I was not able to find anything on google regarding this and everything I did find says that whatever my dog has cant effect humans and vice versa.


----------



## TimmyTimber (Sep 14, 2008)

Just wanted to give you guys an update.

In the last few months we have had an outbreak of rats in the area a common mite that lives in rats:
Radfordia ensifera

Can contaiminate humans as well as dogs. The Nymphs can live in the hair folicles so they will not be effected by any topical treatment.

This is why I was able to pull hair and see it moving around by itself it was the nymphs moving inside of it.

It appears theat Revolution or Ivermectin can treat this. My dog appears to have ear mites as well so there are probably it.

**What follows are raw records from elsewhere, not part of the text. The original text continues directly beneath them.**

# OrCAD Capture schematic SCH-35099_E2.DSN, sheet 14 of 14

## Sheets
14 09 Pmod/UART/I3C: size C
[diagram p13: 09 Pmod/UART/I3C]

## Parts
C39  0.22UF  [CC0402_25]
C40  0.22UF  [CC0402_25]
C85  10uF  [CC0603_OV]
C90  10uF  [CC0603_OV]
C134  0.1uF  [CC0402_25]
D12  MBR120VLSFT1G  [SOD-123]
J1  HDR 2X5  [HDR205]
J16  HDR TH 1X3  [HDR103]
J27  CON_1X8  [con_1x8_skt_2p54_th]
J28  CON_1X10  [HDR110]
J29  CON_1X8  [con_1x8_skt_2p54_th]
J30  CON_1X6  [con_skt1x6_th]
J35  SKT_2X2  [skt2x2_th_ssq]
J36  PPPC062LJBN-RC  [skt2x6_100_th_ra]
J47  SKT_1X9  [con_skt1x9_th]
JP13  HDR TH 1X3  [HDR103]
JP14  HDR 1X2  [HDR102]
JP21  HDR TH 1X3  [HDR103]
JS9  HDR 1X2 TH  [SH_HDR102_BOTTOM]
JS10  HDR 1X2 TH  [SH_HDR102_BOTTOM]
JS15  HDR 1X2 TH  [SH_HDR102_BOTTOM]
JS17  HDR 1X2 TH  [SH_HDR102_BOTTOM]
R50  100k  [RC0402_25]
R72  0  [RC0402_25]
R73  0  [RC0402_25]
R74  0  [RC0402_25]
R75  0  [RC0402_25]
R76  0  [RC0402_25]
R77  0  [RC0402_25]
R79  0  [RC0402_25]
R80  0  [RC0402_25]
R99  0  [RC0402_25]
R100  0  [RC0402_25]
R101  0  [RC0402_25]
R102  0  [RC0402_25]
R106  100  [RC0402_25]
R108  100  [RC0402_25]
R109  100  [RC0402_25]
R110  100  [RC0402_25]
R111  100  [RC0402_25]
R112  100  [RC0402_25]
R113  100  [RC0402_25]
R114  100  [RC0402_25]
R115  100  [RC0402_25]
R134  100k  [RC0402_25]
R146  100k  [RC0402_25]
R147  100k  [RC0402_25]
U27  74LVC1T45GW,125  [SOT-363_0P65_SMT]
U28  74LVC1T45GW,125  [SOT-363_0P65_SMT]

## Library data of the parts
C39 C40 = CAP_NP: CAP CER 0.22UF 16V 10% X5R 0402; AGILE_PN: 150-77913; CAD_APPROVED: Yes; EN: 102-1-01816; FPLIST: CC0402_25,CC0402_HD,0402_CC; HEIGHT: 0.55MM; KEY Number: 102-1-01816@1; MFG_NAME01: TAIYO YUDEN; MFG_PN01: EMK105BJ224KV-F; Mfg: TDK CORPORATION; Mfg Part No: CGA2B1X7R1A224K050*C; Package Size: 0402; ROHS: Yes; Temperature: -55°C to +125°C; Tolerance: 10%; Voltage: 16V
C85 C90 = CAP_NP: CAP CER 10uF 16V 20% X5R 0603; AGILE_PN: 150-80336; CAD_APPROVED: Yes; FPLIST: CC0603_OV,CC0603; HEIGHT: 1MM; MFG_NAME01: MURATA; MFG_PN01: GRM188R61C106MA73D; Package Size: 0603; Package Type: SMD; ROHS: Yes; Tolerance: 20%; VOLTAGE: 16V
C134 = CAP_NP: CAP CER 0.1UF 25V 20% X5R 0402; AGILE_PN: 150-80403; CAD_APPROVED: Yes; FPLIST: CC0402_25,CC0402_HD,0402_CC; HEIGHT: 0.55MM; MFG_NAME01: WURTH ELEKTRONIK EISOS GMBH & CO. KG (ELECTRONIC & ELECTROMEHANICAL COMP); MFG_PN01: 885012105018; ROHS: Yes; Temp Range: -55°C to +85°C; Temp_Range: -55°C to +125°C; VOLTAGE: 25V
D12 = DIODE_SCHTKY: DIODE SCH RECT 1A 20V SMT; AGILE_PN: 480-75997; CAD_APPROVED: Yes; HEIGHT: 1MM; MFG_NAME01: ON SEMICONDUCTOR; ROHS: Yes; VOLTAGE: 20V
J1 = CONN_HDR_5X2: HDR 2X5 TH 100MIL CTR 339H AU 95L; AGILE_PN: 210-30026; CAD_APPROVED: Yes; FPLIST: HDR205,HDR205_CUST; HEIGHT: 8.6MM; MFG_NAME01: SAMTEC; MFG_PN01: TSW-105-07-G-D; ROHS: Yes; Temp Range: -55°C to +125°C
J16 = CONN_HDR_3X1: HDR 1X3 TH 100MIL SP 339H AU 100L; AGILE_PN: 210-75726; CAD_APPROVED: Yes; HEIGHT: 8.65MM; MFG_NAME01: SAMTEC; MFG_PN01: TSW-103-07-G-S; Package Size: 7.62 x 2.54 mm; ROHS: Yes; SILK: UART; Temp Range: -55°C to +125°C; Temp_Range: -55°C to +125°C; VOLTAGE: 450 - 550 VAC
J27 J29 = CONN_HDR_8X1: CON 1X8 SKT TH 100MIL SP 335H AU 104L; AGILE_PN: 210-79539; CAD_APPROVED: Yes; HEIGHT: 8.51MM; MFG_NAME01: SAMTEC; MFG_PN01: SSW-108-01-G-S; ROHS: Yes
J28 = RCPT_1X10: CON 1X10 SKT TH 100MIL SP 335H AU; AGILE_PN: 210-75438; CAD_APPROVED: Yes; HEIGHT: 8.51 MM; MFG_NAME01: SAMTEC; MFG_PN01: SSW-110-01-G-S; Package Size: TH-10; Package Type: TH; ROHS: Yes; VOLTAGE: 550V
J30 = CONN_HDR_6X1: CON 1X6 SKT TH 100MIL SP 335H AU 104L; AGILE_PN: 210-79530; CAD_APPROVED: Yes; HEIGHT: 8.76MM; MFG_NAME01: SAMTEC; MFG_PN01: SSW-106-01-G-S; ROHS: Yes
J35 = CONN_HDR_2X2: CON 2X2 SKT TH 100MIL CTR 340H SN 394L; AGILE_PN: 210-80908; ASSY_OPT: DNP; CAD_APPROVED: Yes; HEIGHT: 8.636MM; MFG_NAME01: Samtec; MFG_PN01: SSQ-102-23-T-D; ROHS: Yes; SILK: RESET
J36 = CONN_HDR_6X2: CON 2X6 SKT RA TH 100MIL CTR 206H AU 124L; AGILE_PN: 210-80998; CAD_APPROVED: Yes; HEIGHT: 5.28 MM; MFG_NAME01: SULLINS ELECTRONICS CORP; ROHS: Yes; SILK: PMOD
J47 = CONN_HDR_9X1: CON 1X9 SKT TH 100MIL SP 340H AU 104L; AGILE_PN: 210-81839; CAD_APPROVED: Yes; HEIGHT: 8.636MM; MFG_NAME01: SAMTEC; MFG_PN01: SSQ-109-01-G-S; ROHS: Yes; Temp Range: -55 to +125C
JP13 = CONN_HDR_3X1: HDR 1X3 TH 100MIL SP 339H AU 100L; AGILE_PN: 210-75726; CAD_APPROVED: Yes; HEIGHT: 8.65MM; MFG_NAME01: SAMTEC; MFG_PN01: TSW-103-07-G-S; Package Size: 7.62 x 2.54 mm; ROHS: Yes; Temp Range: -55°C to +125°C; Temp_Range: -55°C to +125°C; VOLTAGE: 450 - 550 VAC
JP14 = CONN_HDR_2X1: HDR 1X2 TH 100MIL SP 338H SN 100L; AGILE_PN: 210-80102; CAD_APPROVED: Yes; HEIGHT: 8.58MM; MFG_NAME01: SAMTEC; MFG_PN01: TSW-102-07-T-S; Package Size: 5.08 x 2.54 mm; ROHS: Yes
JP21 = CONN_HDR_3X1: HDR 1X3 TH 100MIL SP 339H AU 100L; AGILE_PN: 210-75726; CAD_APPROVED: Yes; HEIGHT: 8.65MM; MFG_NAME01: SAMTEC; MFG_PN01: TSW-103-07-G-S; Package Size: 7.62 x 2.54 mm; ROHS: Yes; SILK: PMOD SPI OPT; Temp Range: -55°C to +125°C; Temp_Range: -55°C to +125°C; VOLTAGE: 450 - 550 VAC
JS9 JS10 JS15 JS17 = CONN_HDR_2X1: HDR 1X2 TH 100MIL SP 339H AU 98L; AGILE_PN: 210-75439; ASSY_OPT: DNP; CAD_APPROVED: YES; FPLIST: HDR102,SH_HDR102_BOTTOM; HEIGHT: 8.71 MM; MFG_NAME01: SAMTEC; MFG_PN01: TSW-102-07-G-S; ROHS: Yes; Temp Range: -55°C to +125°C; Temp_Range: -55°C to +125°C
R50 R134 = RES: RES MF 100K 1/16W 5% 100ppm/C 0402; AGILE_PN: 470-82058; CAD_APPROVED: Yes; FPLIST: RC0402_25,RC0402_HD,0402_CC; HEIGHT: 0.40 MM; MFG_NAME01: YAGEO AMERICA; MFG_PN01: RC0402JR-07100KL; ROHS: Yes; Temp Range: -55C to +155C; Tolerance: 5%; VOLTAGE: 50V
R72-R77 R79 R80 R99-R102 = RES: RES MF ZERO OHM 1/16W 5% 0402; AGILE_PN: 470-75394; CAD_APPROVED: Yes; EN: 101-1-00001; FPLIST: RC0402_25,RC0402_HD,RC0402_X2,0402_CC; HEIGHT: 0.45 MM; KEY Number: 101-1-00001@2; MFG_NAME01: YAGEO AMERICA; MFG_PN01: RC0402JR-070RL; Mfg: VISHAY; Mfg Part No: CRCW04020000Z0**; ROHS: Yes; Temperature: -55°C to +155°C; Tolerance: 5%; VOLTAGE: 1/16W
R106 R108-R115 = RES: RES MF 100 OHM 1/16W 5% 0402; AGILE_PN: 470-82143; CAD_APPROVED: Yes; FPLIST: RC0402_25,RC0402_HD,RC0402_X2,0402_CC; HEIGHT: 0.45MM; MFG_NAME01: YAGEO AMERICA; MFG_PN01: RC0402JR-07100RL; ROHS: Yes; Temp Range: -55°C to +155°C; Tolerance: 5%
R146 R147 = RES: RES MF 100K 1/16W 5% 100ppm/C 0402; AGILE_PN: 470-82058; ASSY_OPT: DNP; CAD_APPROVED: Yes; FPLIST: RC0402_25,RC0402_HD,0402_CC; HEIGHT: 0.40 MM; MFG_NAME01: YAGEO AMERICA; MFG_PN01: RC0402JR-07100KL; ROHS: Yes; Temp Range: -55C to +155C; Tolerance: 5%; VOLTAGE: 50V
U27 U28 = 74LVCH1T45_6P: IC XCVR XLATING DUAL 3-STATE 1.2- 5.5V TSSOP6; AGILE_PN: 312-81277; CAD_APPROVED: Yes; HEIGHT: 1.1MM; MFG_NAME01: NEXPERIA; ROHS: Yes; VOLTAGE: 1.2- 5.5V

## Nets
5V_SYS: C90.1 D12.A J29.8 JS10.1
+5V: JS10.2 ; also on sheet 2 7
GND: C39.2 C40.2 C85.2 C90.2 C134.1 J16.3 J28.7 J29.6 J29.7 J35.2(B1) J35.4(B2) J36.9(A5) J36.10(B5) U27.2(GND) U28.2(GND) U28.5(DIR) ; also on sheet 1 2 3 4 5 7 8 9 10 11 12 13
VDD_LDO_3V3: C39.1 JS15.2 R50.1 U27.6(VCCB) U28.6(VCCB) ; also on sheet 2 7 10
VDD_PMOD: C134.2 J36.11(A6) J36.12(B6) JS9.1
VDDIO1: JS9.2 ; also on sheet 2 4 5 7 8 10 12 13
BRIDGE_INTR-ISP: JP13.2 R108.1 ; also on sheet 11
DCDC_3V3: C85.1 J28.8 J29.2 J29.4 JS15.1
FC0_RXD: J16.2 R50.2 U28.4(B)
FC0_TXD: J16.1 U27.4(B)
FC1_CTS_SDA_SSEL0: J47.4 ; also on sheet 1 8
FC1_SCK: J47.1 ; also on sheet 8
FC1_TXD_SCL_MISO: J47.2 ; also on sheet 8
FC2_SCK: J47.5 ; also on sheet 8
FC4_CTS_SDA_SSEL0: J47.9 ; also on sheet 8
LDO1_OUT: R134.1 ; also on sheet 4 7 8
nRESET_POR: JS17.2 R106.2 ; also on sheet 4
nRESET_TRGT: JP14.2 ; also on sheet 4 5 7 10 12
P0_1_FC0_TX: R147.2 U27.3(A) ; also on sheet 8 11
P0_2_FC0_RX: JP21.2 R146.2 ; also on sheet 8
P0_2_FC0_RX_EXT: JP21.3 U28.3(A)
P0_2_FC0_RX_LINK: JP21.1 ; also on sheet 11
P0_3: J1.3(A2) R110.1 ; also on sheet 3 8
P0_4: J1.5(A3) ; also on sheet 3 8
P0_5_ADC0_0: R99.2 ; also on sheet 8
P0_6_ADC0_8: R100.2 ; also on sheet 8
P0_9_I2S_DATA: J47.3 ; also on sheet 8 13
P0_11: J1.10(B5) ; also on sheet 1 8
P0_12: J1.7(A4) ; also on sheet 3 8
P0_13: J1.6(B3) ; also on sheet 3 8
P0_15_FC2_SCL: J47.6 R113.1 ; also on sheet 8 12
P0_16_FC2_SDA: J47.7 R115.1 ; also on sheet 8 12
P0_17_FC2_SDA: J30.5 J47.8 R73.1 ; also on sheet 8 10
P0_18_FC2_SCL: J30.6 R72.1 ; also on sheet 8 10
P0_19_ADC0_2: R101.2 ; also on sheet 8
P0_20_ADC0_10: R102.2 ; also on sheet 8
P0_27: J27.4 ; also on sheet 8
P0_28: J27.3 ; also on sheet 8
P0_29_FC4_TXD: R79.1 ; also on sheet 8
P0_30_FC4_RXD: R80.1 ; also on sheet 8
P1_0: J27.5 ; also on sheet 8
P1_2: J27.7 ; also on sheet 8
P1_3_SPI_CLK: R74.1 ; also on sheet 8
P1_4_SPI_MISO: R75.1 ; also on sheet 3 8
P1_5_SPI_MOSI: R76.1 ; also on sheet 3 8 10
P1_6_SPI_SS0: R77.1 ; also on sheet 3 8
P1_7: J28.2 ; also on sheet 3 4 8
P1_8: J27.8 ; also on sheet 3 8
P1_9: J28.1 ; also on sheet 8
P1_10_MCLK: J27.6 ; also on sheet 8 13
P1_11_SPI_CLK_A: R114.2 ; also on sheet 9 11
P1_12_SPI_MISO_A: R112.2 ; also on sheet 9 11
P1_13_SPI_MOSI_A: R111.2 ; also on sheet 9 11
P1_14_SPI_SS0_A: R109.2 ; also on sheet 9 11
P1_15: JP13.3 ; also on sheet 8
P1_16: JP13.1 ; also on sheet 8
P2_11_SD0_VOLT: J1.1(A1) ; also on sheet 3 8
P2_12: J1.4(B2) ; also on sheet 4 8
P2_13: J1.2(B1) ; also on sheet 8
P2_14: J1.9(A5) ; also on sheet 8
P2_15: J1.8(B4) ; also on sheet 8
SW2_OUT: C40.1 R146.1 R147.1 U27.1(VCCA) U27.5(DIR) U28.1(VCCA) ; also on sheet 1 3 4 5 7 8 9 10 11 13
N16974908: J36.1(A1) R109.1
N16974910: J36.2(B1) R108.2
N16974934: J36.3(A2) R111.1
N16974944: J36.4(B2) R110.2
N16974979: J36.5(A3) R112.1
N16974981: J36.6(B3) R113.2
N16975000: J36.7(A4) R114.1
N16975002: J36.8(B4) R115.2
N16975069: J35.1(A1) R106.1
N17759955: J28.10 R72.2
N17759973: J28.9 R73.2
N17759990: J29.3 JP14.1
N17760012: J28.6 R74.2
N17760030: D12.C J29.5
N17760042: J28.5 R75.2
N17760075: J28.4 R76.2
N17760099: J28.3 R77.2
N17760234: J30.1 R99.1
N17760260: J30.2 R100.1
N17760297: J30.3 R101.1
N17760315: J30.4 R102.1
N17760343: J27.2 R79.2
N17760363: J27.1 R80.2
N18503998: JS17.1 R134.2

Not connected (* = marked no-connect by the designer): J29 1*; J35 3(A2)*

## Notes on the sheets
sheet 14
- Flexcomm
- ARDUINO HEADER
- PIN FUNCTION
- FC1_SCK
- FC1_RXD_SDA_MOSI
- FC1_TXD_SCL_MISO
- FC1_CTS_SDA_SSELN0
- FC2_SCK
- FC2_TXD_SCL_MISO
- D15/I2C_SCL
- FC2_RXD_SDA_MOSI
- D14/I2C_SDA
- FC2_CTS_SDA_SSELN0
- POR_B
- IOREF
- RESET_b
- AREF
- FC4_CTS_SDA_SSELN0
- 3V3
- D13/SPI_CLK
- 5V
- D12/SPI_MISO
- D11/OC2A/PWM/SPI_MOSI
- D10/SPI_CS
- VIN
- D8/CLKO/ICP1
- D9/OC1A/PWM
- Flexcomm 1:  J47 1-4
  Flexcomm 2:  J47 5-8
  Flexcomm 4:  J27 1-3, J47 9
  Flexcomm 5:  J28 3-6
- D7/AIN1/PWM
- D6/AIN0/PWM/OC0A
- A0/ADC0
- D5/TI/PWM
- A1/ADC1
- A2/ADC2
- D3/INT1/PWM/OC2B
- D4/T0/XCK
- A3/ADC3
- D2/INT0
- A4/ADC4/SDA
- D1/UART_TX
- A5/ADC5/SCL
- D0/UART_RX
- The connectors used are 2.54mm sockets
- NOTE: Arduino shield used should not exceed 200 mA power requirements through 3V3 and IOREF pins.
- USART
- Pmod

I will update after I go to the vet.


----------



## Helena (Sep 14, 2008)

Sounds horrible, so glad you got to the root of the problem.

Helen


----------



## Priorart (Sep 17, 2013)

I am sorry to inform you of this but, "The Radfordia ensifera is a fur mite that can cause dermatitis. It may occasionally be seen as white specks of dust on hair follicles. This type of mite is most commonly seen in rats. It produces intense itching and leads to scabs most frequently seen on the shoulders, neck, and face of the rat. However,The rat fur mite and mange mite do not infest humans or other animals.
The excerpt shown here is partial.